方朔似乎也看懂了君洛的心思,故而也沒有再提,直接帶著君洛直奔宗門。
……
東辰島的大門前早就擠滿了人,其中多半都是女修,當然也不乏一些男修。
他們一邊嘰嘰喳喳閒聊,一邊不斷的張望。
至於朱聘婷和聶風,早就不知道被擠到了哪個角落去。
聶風不知從哪裡掏出了一把瓜子,一邊坐在石頭上翹著二郎腿,一邊酸溜溜道「我怎麼就沒有過這樣的待遇?」
旁邊的某個女修聽了這番言辭,詫異的看了一眼聶風,不過很快她又轉過了頭去。
聶風磕瓜子的動作頓了頓,從剛才那女修的眼神里,他莫名的看出了一股鄙夷的情緒,那表情就好似再說「你也配?」
聶風怒摔瓜子皮,聶風悲憤了,但想了想人家到底是宗門的小輩,他總不能和一個小輩計較吧,然後便又坐回了原來的位置上。
他為什麼要說這句話來自取其辱!
朱聘婷臉上雖然一直掛著溫和的笑意,但心情著實算不得有多麼美麗。
她原本以為這個消息只有她和聶風知道,但現在算是怎麼回事?整個宗門都知道了?
還有這些個不知天高地厚的小弟子們,知不知道她是他們的師叔?連禮讓師叔都不懂?
她微微垂首先是看了一眼自己的衣裙,然後又用眼角餘光掃了一眼不遠處的男修,眼底微微划過一抹暗芒……
暖橙色的漂亮衣裙墜地,開出一朵靚麗的橙花,當然,這是這件衣裙原本的模樣,如今,它早已被亂七八糟的腳踩的破破爛爛,哪裡還能看出花的模樣。
但即便如此,朱聘婷的臉上依然沒有半分的異色和不滿。
女修們是來迎接方朔的,男修們是來看女修的,而朱聘婷自然也是被觀賞的目標之一。
朱聘婷抬了抬自己的裙擺,眼底流露出一抹淡淡的嘆息和憂傷,似是要轉身離開……
一些本就愛慕朱聘婷的男修有些心疼了,尤其是他們的目光在順著朱聘婷的視線落到她的裙擺上之後,這一股怒氣瞬間達到了最大。
「都聚在這裡做什麼?散了散了!」一名金丹期修為的男修主動跳了出來,似是看不慣眼前亂糟糟的場面,說話間頗帶著幾分不耐。

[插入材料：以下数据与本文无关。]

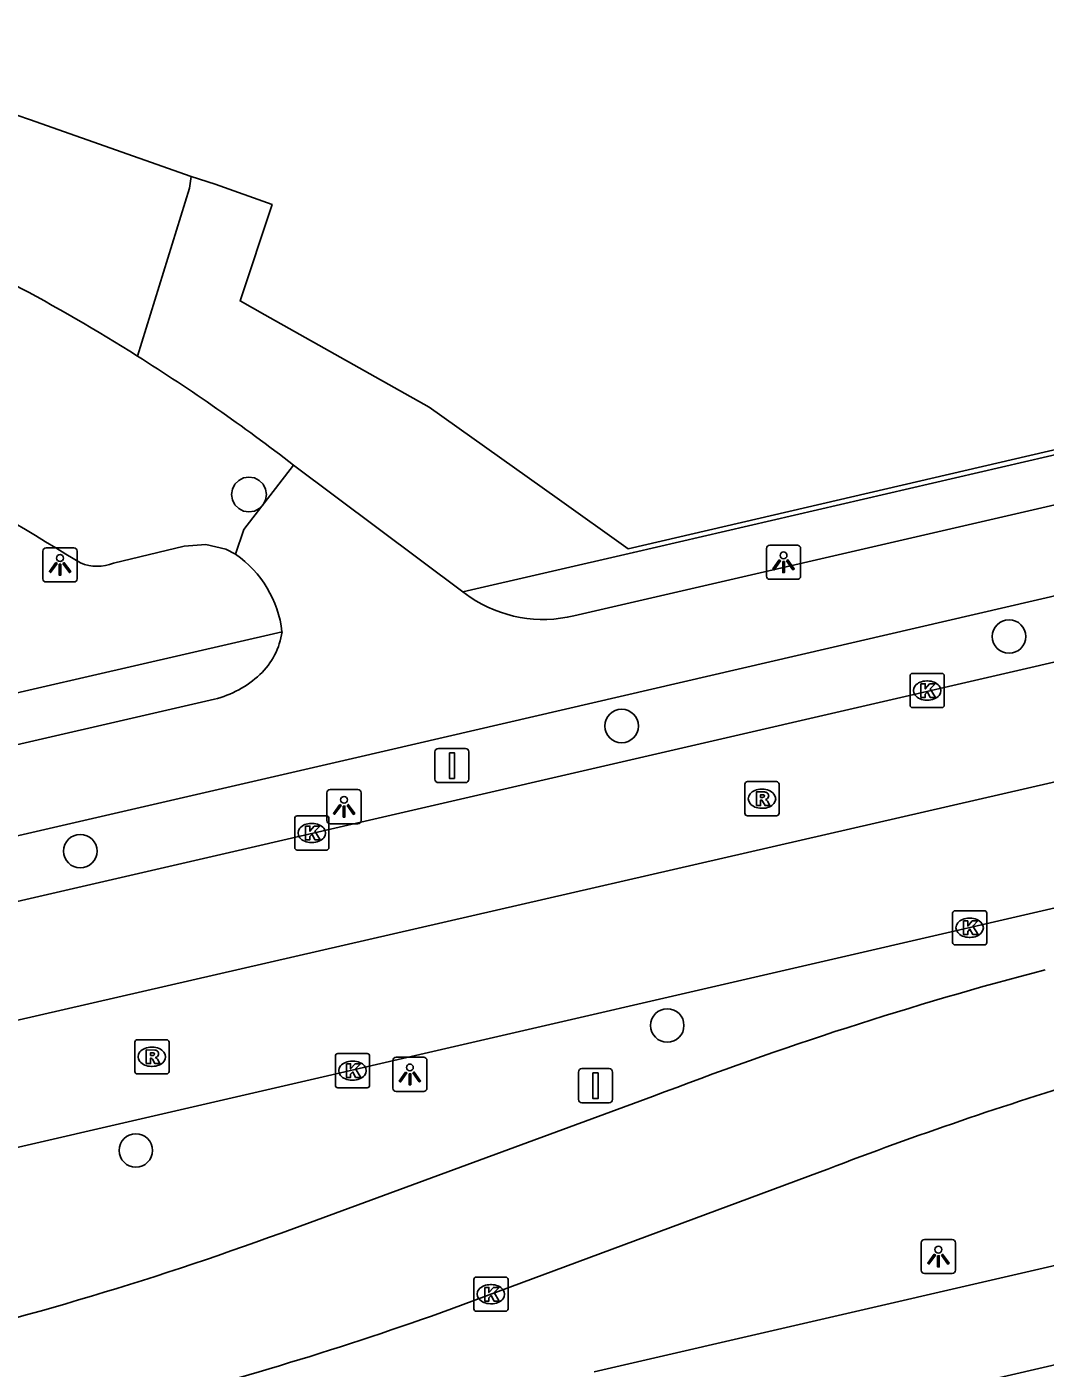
# Model space of a CAD drawing. Extents: x 156414 to 157775, y 382335 to 383765.
# Drawn here: x 156836.53 to 156866.3, y 382954.8 to 382994.01 of the extents above; entities that cross this region are included whole.
import ezdxf

# ---------------------------------------------------------------- set-up
doc = ezdxf.new("R2010")
doc.units = 0
for name, color, linetype in [('IMGEO_Berm_groen', 7, 'Continuous'), ('IMGEO_Boom', 7, 'Continuous'), ('IMGEO_Fietspad_gesloten', 7, 'Continuous'), ('IMGEO_Hek', 7, 'Continuous'), ('IMGEO_Kolk', 7, 'Continuous'), ('IMGEO_Lichtpunt', 7, 'Continuous'), ('IMGEO_OVBaan_gesloten', 7, 'Continuous'), ('IMGEO_Rijbaan_lokaal_open', 7, 'Continuous'), ('IMGEO_Rijbaan_regionaal_gesloten', 7, 'Continuous'), ('IMGEO_Rioolput', 7, 'Continuous'), ('IMGEO_Verkeersbordpaal', 7, 'Continuous'), ('IMGEO_Voetpad_open', 7, 'Continuous')]:
    doc.layers.add(name, color=color, linetype=linetype)

msp = doc.modelspace()

# ---------------------------------------------------------------- linework, layer by layer
at = {"layer": 'IMGEO_Berm_groen'}
msp.add_lwpolyline([(156894.474, 382988.607), (156894.579, 382988.151), (156854.107, 382978.752), (156852.03, 382980.231), (156848.293, 382982.892), (156843.482, 382985.59), (156842.762, 382985.994), (156843.696, 382988.811), (156842.033, 382989.408), (156841.332, 382989.635)], dxfattribs=at)
at = {"layer": 'IMGEO_Boom'}
for centre in [(156865.243, 382976.185), (156853.917, 382973.57), (156838.09, 382969.913), (156855.251, 382964.817), (156839.714, 382961.164)]:
    msp.add_circle(centre, 0.489, dxfattribs=at)
at = {"layer": 'IMGEO_Fietspad_gesloten'}
for points in [[(156808.291, 382963.952), (156813.483, 382965.107), (156846.174, 382972.646), (156938.392, 382994.005)], [(156908.051, 382989.605), (156852.524, 382976.79)], [(156849.278, 382977.488), (156844.328, 382981.193)], [(156849.486, 382977.332), (156849.278, 382977.488)], [(156842.01, 382974.354), (156795.232, 382963.573)]]:
    msp.add_lwpolyline(points, dxfattribs=at)
for centre, radius, start, end in [((156840.813, 382975.96), 3.195, 6.5423, 55.333), ((156851.628, 382980.555), 3.87, 236.3857, 283.3832), ((156841.911, 382976.607), 2.096, 313.0543, 352.2485), ((156841.293, 382977.269), 3.002, 283.8151, 313.0375)]:
    msp.add_arc(centre, radius, start, end, dxfattribs=at)
at = {"layer": 'IMGEO_Hek'}
for points in [[(156836.604, 382991.294), (156841.332, 382989.635)], [(156842.033, 382989.408), (156843.696, 382988.811), (156842.762, 382985.994)], [(156854.107, 382978.752), (156894.579, 382988.151)], [(156842.762, 382985.994), (156843.482, 382985.59)], [(156843.482, 382985.59), (156848.293, 382982.892), (156852.03, 382980.231)], [(156852.03, 382980.231), (156854.107, 382978.752)]]:
    msp.add_lwpolyline(points, dxfattribs=at)
at = {"layer": 'IMGEO_Kolk'}
for p, q in [((156862.423, 382975.107), (156863.275, 382975.107)), ((156862.348, 382974.181), (156862.348, 382975.033)), ((156862.836, 382974.887), (156862.861, 382974.887)), ((156863.349, 382975.033), (156863.349, 382974.181)), ((156862.859, 382974.327), (156862.834, 382974.327)), ((156863.275, 382974.107), (156862.423, 382974.107)), ((156844.358, 382970.018), (156844.358, 382970.87)), ((156844.433, 382970.944), (156845.285, 382970.944)), ((156845.359, 382970.87), (156845.359, 382970.018)), ((156844.846, 382970.724), (156844.871, 382970.724)), ((156844.869, 382970.164), (156844.844, 382970.164)), ((156845.285, 382969.944), (156844.433, 382969.944)), ((156863.592, 382967.246), (156863.592, 382968.098)), ((156863.667, 382968.172), (156864.519, 382968.172)), ((156864.593, 382968.098), (156864.593, 382967.246)), ((156864.08, 382967.952), (156864.105, 382967.952)), ((156864.103, 382967.392), (156864.078, 382967.392)), ((156864.519, 382967.172), (156863.667, 382967.172)), ((156845.548, 382963.071), (156845.548, 382963.923)), ((156845.623, 382963.997), (156846.475, 382963.997)), ((156846.036, 382963.777), (156846.061, 382963.777)), ((156846.549, 382963.923), (156846.549, 382963.071)), ((156846.475, 382962.997), (156845.623, 382962.997)), ((156846.059, 382963.217), (156846.034, 382963.217)), ((156849.669, 382957.464), (156850.521, 382957.464)), ((156849.594, 382956.538), (156849.594, 382957.39)), ((156850.082, 382957.244), (156850.107, 382957.244)), ((156850.595, 382957.39), (156850.595, 382956.538)), ((156850.105, 382956.684), (156850.08, 382956.684)), ((156850.521, 382956.464), (156849.669, 382956.464))]:
    msp.add_line(p, q, dxfattribs=at)
for points in [[(156862.423, 382975.107), (156863.275, 382975.107)], [(156862.348, 382974.181), (156862.348, 382975.033)], [(156862.669, 382974.807), (156862.792, 382974.807), (156862.792, 382974.656), (156862.922, 382974.807), (156863.086, 382974.807), (156862.94, 382974.656), (156863.093, 382974.407), (156862.941, 382974.407), (156862.856, 382974.571), (156862.792, 382974.504), (156862.792, 382974.407), (156862.669, 382974.407), (156862.669, 382974.807)], [(156863.349, 382975.033), (156863.349, 382974.181)], [(156863.275, 382974.107), (156862.423, 382974.107)], [(156844.358, 382970.018), (156844.358, 382970.87)], [(156844.433, 382970.944), (156845.285, 382970.944)], [(156845.359, 382970.87), (156845.359, 382970.018)], [(156844.679, 382970.644), (156844.802, 382970.644), (156844.802, 382970.493), (156844.932, 382970.644), (156845.096, 382970.644), (156844.95, 382970.493), (156845.103, 382970.244), (156844.951, 382970.244), (156844.866, 382970.408), (156844.802, 382970.341), (156844.802, 382970.244), (156844.679, 382970.244), (156844.679, 382970.644)], [(156845.285, 382969.944), (156844.433, 382969.944)], [(156863.592, 382967.246), (156863.592, 382968.098)], [(156863.667, 382968.172), (156864.519, 382968.172)], [(156864.593, 382968.098), (156864.593, 382967.246)], [(156863.913, 382967.872), (156864.036, 382967.872), (156864.036, 382967.721), (156864.166, 382967.872), (156864.33, 382967.872), (156864.184, 382967.721), (156864.337, 382967.472), (156864.185, 382967.472), (156864.1, 382967.636), (156864.036, 382967.569), (156864.036, 382967.472), (156863.913, 382967.472), (156863.913, 382967.872)], [(156864.519, 382967.172), (156863.667, 382967.172)], [(156845.548, 382963.071), (156845.548, 382963.923)], [(156845.623, 382963.997), (156846.475, 382963.997)], [(156846.549, 382963.923), (156846.549, 382963.071)], [(156845.869, 382963.697), (156845.992, 382963.697), (156845.992, 382963.546), (156846.122, 382963.697), (156846.286, 382963.697), (156846.14, 382963.546), (156846.293, 382963.297), (156846.141, 382963.297), (156846.056, 382963.461), (156845.992, 382963.394), (156845.992, 382963.297), (156845.869, 382963.297), (156845.869, 382963.697)], [(156846.475, 382962.997), (156845.623, 382962.997)], [(156849.669, 382957.464), (156850.521, 382957.464)], [(156849.594, 382956.538), (156849.594, 382957.39)], [(156849.915, 382957.164), (156850.038, 382957.164), (156850.038, 382957.013), (156850.168, 382957.164), (156850.332, 382957.164), (156850.186, 382957.013), (156850.339, 382956.764), (156850.187, 382956.764), (156850.102, 382956.928), (156850.038, 382956.861), (156850.038, 382956.764), (156849.915, 382956.764), (156849.915, 382957.164)], [(156850.595, 382957.39), (156850.595, 382956.538)], [(156850.521, 382956.464), (156849.669, 382956.464)]]:
    msp.add_lwpolyline(points, dxfattribs=at)
for centre, start, end in [((156862.425, 382975.031), 91.552, 178.448), ((156862.425, 382975.031), 91.552, 178.448), ((156863.273, 382975.031), 1.552, 88.448), ((156863.273, 382975.031), 1.552, 88.448), ((156862.425, 382974.183), 181.552, 268.448), ((156862.425, 382974.183), 181.552, 268.448), ((156863.273, 382974.183), 271.552, 358.448), ((156863.273, 382974.183), 271.552, 358.448), ((156844.435, 382970.868), 91.552, 178.448), ((156844.435, 382970.868), 91.552, 178.448), ((156845.283, 382970.868), 1.552, 88.448), ((156845.283, 382970.868), 1.552, 88.448), ((156844.435, 382970.02), 181.552, 268.448), ((156844.435, 382970.02), 181.552, 268.448), ((156845.283, 382970.02), 271.552, 358.448), ((156845.283, 382970.02), 271.552, 358.448), ((156863.669, 382968.096), 91.552, 178.448), ((156863.669, 382968.096), 91.552, 178.448), ((156864.517, 382968.096), 1.552, 88.448), ((156864.517, 382968.096), 1.552, 88.448), ((156863.669, 382967.248), 181.552, 268.448), ((156863.669, 382967.248), 181.552, 268.448), ((156864.517, 382967.248), 271.552, 358.448), ((156864.517, 382967.248), 271.552, 358.448), ((156845.625, 382963.921), 91.552, 178.448), ((156845.625, 382963.921), 91.552, 178.448), ((156846.473, 382963.921), 1.552, 88.448), ((156846.473, 382963.921), 1.552, 88.448), ((156845.625, 382963.073), 181.552, 268.448), ((156845.625, 382963.073), 181.552, 268.448), ((156846.473, 382963.073), 271.552, 358.448), ((156846.473, 382963.073), 271.552, 358.448), ((156849.671, 382957.388), 91.552, 178.448), ((156849.671, 382957.388), 91.552, 178.448), ((156850.519, 382957.388), 1.552, 88.448), ((156850.519, 382957.388), 1.552, 88.448), ((156849.671, 382956.54), 181.552, 268.448), ((156849.671, 382956.54), 181.552, 268.448), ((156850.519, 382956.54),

有女修聞言不禁對其怒目而視,只是在看清那人是誰之後,又訕訕轉過了頭。這人雖然在整個東辰島中算不得有多麼厲害,但在底層弟子中,也算是知名人物之一了。
此人名為田苟,是八長老的親傳弟子之一,平日裡不見得多麼努力修練,倒是喜歡在外門竄來竄去,久而久之,認識他的人便也就多了。
如今,圍聚於這裡的女修多數都是築基期和練氣期的弟子,深知田苟此人的修為,故而也是敢怒不敢言。
只是,練氣築基期的女修雖然怕他,金丹期的女修卻是不怕的。
「呵,你誰啊,就在這裡指手畫腳的,還散了?誰給你的權力命令所有人?」說話的女子看起來年約二十三四,當然其實際年齡必然是遠不止於此的。